== How to complete this task ==
Pictures are not part of the copy; reproduce the remaining data exactly.

== Data extract ==

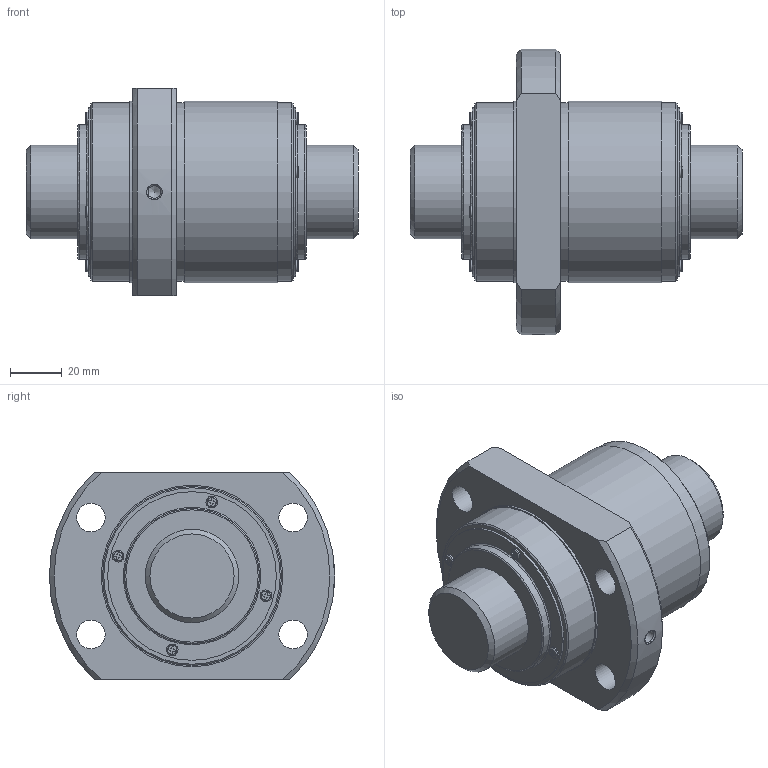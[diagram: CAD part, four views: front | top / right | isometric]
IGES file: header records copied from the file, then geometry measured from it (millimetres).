
Start section: Data from Parasolid IGES Translator 26.0.171, Copyright(c) 2006 Siemens PLM Software. All Rights Reserved.
Global section: file name: BLK3620-5.6ZZ+128LC7T_000.igs; native system: By Siemens PLM Incorporated; preprocessor: XPlus GENERIC/IGES 26.0.171; author: Noname; organization: Noname; date: 20250611.062942; units: millimetre
Bounding box: 128 x 110 x 80 mm (x, y, z)
Surface area: 62167.9 mm2 (no closed solid volume)
Topology: 0 solids, 0 shells, 215 faces, 1089 edges, 1017 vertices
Faces by surface type: extrusion 127, revolution 88

== Solution to the problem ==
[diagram: CAD part, four views: front | top / right | isometric]
IGES file: header records copied from the file, then geometry measured from it (millimetres).
Start section: Data from Parasolid IGES Translator 26.0.171, Copyright(c) 2006 Siemens PLM Software. All Rights Reserved.
Global section: file name: BLK3620-5.6ZZ+128LC7T_000.igs; native system: By Siemens PLM Incorporated; preprocessor: XPlus GENERIC/IGES 26.0.171; author: Noname; organization: Noname; date: 20250611.062942; units: millimetre
Bounding box: 128 x 110 x 80 mm (x, y, z)
Surface area: 62167.9 mm2 (no closed solid volume)
Topology: 0 solids, 0 shells, 215 faces, 1089 edges, 1017 vertices
Faces by surface type: extrusion 127, revolution 88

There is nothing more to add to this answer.